Lessons from the South African banks
In South Africa many companies are pivoting their business models as they explore a future where fintech capabilities are a natural extension of their offering. Just think of Discovery Bank, Checkers, Shoprite, USave and various clothing retailers.

These brands can look to the traditional banking sector for hard lessons learnt. For a time, South Africa was gripped by a sort of bank-building fever – mostly via the old-fashioned DIY approach. We had so many costly banks popping up – many of which were years in the making and never made it out of the starting blocks – to the extent that the regulator eventually capped the number of banks in the local ecosystem.

Many learnt the hard way that creating and launching a bank from scratch is extremely capital intensive. In fact, many new South African banks incurred costs in the multiple billions to build and launch over a course of five or more years, while spending hundreds of millions just on consultancy fees to big advisory firms. The outsourced route might have cost them under R100 million for the same products, thanks to economies of scale.
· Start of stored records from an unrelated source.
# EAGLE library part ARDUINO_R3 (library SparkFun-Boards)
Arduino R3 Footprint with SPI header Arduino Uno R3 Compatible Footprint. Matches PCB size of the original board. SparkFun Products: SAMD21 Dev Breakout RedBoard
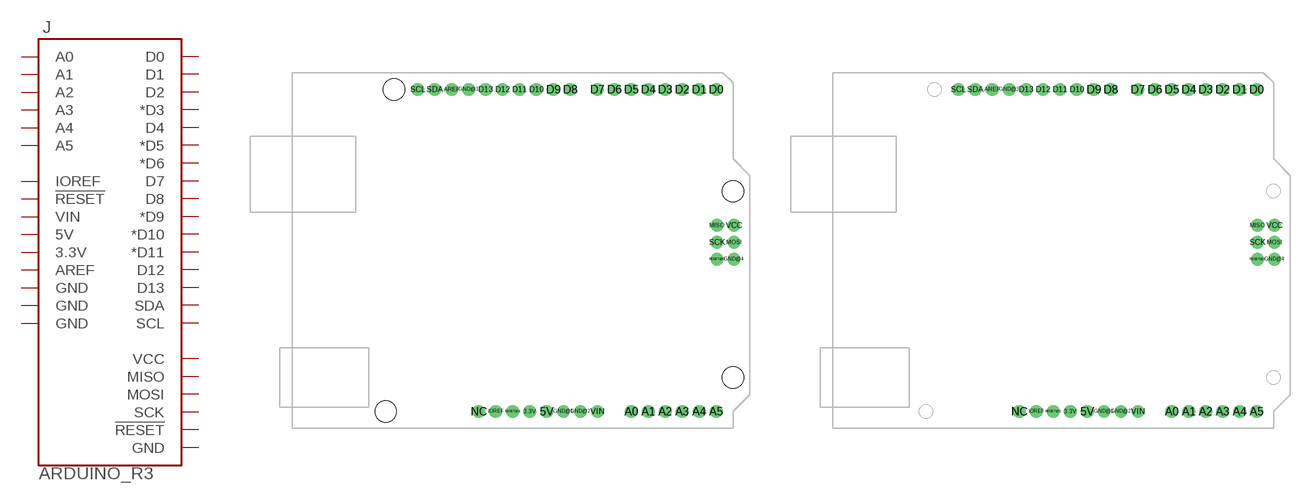
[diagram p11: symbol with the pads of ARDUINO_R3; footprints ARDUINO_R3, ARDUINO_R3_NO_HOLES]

Designator prefix J

## ARDUINO_R3  [ARDUINO_R3]
3.3V  3.3V
5V  5V
A0  A0
A1  A1
A2  A2
A3  A3
A4  A4
A5  A5
AREF  AREF
D0  D0
D1  D1
D2  D2
D3  *D3
D4  D4
D5  *D5
D6  *D6
D7  D7
D8  D8
D9  *D9
D10  *D10
D11  *D11
D12  D12
D13  D13
GND@1  GND
GND@2  GND
GND@3  GND
GND@4  GND
IOREF  IOREF
MISO  MISO
MOSI  MOSI
RESET@1  !RESET!
RESET@2  !RESET!
SCK  SCK
SCL  SCL
SDA  SDA
VCC  VCC
VIN  VIN

## ARDUINO_R3NO_HOLES  [ARDUINO_R3_NO_HOLES]
Pads as for ARDUINO_R3

## Footprint ARDUINO_R3 (pad centres in mm)
Arduino Uno Footprint R3
drill 1.016 pad 1.93: 3.3V 35.56,2.54; 5V 38.1,2.54; A0 50.8,2.54; A1 53.34,2.54; A2 55.88,2.54; A3 58.42,2.54; A4 60.96,2.54; A5 63.5,2.54; AREF 23.876,50.8; D0 63.5,50.8; D1 60.96,50.8; D2 58.42,50.8; D3 55.88,50.8; D4 53.34,50.8; D5 50.8,50.8; D6 48.26,50.8; D7 45.72,50.8; D8 41.656,50.8; D9 39.116,50.8; D10 36.576,50.8; D11 34.036,50.8; D12 31.496,50.8; D13 28.956,50.8; GND@1 40.64,2.54; GND@2 43.18,2.54; GND@3 26.416,50.8; GND@4 66.18,25.35; IOREF 30.48,2.54; MISO 63.64,30.43; MOSI 66.18,27.89; NC 27.94,2.54; RESET@1 33.02,2.54; RESET@2 63.64,25.35; SCK 63.64,27.89; SCL 18.796,50.8; SDA 21.336,50.8; VCC 66.18,30.43; VIN 45.72,2.54
hole 3.175 at 15.24,50.8
hole 3.175 at 66.04,35.56
hole 3.175 at 66.04,7.62
hole 3.175 at 13.97,2.54

## Footprint ARDUINO_R3_NO_HOLES (pad centres in mm)
drill 1.016 pad 1.93: 3.3V 35.56,2.54; 5V 38.1,2.54; A0 50.8,2.54; A1 53.34,2.54; A2 55.88,2.54; A3 58.42,2.54; A4 60.96,2.54; A5 63.5,2.54; AREF 23.876,50.8; D0 63.5,50.8; D1 60.96,50.8; D2 58.42,50.8; D3 55.88,50.8; D4 53.34,50.8; D5 50.8,50.8; D6 48.26,50.8; D7 45.72,50.8; D8 41.656,50.8; D9 39.116,50.8; D10 36.576,50.8; D11 34.036,50.8; D12 31.496,50.8; D13 28.956,50.8; GND@1 40.64,2.54; GND@2 43.18,2.54; GND@3 26.416,50.8; GND@4 66.18,25.35; IOREF 30.48,2.54; MISO 63.64,30.43; MOSI 66.18,27.89; NC 27.94,2.54; RESET@1 33.02,2.54; RESET@2 63.64,25.35; SCK 63.64,27.89; SCL 18.796,50.8; SDA 21.336,50.8; VCC 66.18,30.43; VIN 45.72,2.54
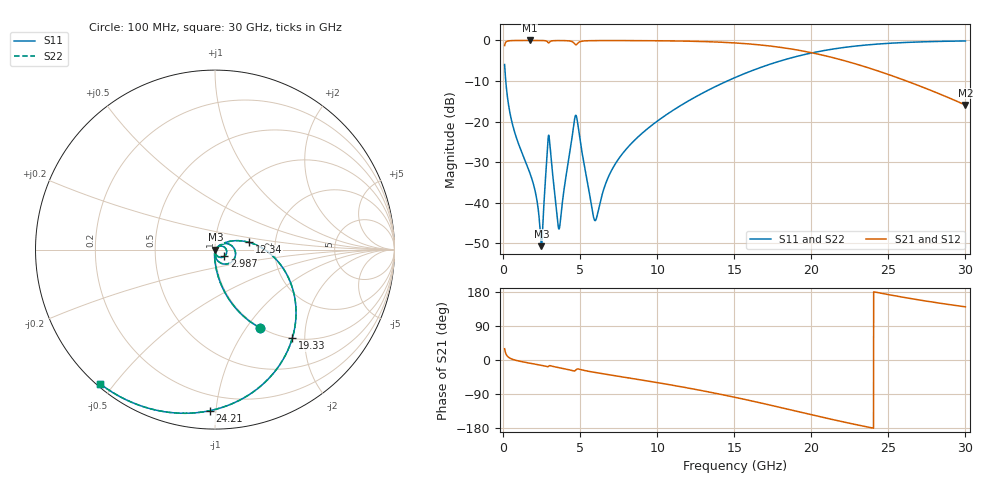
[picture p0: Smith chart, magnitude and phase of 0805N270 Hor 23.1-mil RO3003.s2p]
# GHz S MA R 50
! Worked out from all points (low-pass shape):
!   3201 points, 100 MHz to 30 GHz, reference 50 ohm
!   highest |S21| = -0.01 dB at 1.744 GHz (marker M1); lowest = -15.9 dB at 30 GHz (marker M2)
!   |S21| within 3 dB of the highest: start of sweep to 19.98 GHz
!   lowest |S11| = -50.7 dB at 2.492 GHz (marker M3), VSWR 1.01, Z = 50.3 - j0.12 ohm
!   |S11| at or under -10 dB: 174.7 MHz to 14.55 GHz (14.38 GHz wide, 195 % of centre)
!   |S22| runs from -50.7 to -0.1 dB; largest |S21 - S12| = 0
!   S11 on the Smith chart (normalised r, x): 100 MHz: 0.99, -1.16; 2.987 GHz: 1.11, -0.08; 12.34 GHz: 1.46, +0.12; 19.33 GHz: 1.01, -1.74; 24.21 GHz: 0.10, -0.96; 30 GHz: 0.01, -0.46
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0.1  0.5038 -60.3  0.8634 29.7  0.8634 29.7  0.5038 -60.3
0.62325  0.09028 -87.9  0.9952 1.7  0.9952 1.7  0.09028 -87.9
1.7445  0.02308 -95.3  0.9984 -8.4  0.9984 -8.4  0.02308 -95.3
2.108906  0.01315 -94.1  0.9983 -11.0  0.9983 -11.0  0.01315 -94.1
2.492  0.002905 -24.3  0.9971 -13.8  0.9971 -13.8  0.002905 -24.3
2.604125  0.006595 35.7  0.9957 -14.8  0.9957 -14.8  0.006595 35.7
2.856406  0.0408 28.9  0.9713 -17.6  0.9713 -17.6  0.0408 28.9
2.987219  0.06494 -35.6  0.9387 -15.3  0.9387 -15.3  0.06494 -35.6
3.631937  0.00472 -17.1  0.9952 -20.2  0.9952 -20.2  0.00472 -17.1
4.650406  0.1098 -0.1  0.9021 -28.7  0.9021 -28.7  0.1098 -0.1
4.80925  0.1044 -50.1  0.9051 -23.9  0.9051 -23.9  0.1044 -50.1
5.089563  0.04545 -84.4  0.9753 -25.9  0.9753 -25.9  0.04545 -84.4
5.986562  0.006009 -21.5  0.9939 -33.0  0.9939 -33.0  0.006009 -21.5
7.35075  0.0315 40.3  0.995 -41.9  0.995 -41.9  0.0315 40.3
10.06978  0.1031 27.5  0.9898 -60.0  0.9898 -60.0  0.1031 27.5
12.34031  0.194 12.0  0.9753 -76.5  0.9753 -76.5  0.194 12.0
15.05  0.3482 -9.5  0.9303 -98.5  0.9303 -98.5  0.3482 -9.5
19.32944  0.6536 -48.7  0.7473 -137.9  0.7473 -137.9  0.6536 -48.7
20.03956  0.7011 -55.4  0.7033 -144.7  0.7033 -144.7  0.7011 -55.4
24.20688  0.8983 -91.9  0.4276 178.7  0.4276 178.7  0.8983 -91.9
25.01978  0.9203 -98.2  0.3791 172.4  0.3791 172.4  0.9203 -98.2
30  0.9843 -130.4  0.1596 140.3  0.1596 140.3  0.9843 -130.4
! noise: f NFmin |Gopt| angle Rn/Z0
0.1  0.000522  0.8834  0.8161  0.0009708
3.417  0.01046  0.8102  18.98  0.01118
6.743  0.01316  0.7227  36.88  0.008497
10.06  0.01589  0.6761  53.59  0.007616
13.39  0.02071  0.6795  69.18  0.008611
16.7  0.02712  0.7016  83.65  0.01013
20.03  0.03614  0.7368  97.33  0.01233
23.35  0.04971  0.782  110.5  0.01567
26.67  0.07225  0.8341  123.5  0.02117
30  0.1147  0.888  136.7  0.03104

Upgrading and maintaining banking systems is a prohibitively expensive exercise, which is why some South African banks still run on very old mainframes and legacy tech infrastructure.

Leveraging changes in reporting standards
While contemplating the various embedded finance opportunities available to them to enhance their customer value proposition, large South African businesses should not be oblivious to the opportunities afforded to them with the recent changes in international accounting standards.

These changes allow for alternatives once the traditional capital budget vs operational cost discussions take place (think IFRS 6 operating leases, for example), keeping in mind expected shareholder returns and the ever-present financial covenant requirements.

Given the significant operational costs linked to any proprietary banking system and associated compliance obligations, coupled with the potential impact of onerous financial covenants, players in the banking game can quickly amass an enormous stack of expensive assets that most could barely afford to, or want to maintain, let alone innovate on top of.

In this context, outsourced banking services make sense for brands that want to spread their wings. They don't need to own and disclose extremely expensive fintech assets, high infrastructure development costs and maintenance, nor invest heavily in security, compliance and human fintech resources, to embrace financial innovation.

Every asset needed to build their financial customer service toolkit belongs to the BaaS or embedded finance provider, who can offer those products and services at a fraction of the cost because they spread it across multiple clients to achieve economies of scale. Outsourcing is an extremely powerful tool for cost saving and innovation.

This is how slow innovation and intense balance sheet pressure become things of the past and improved fintech-driven customer service becomes the way of the future.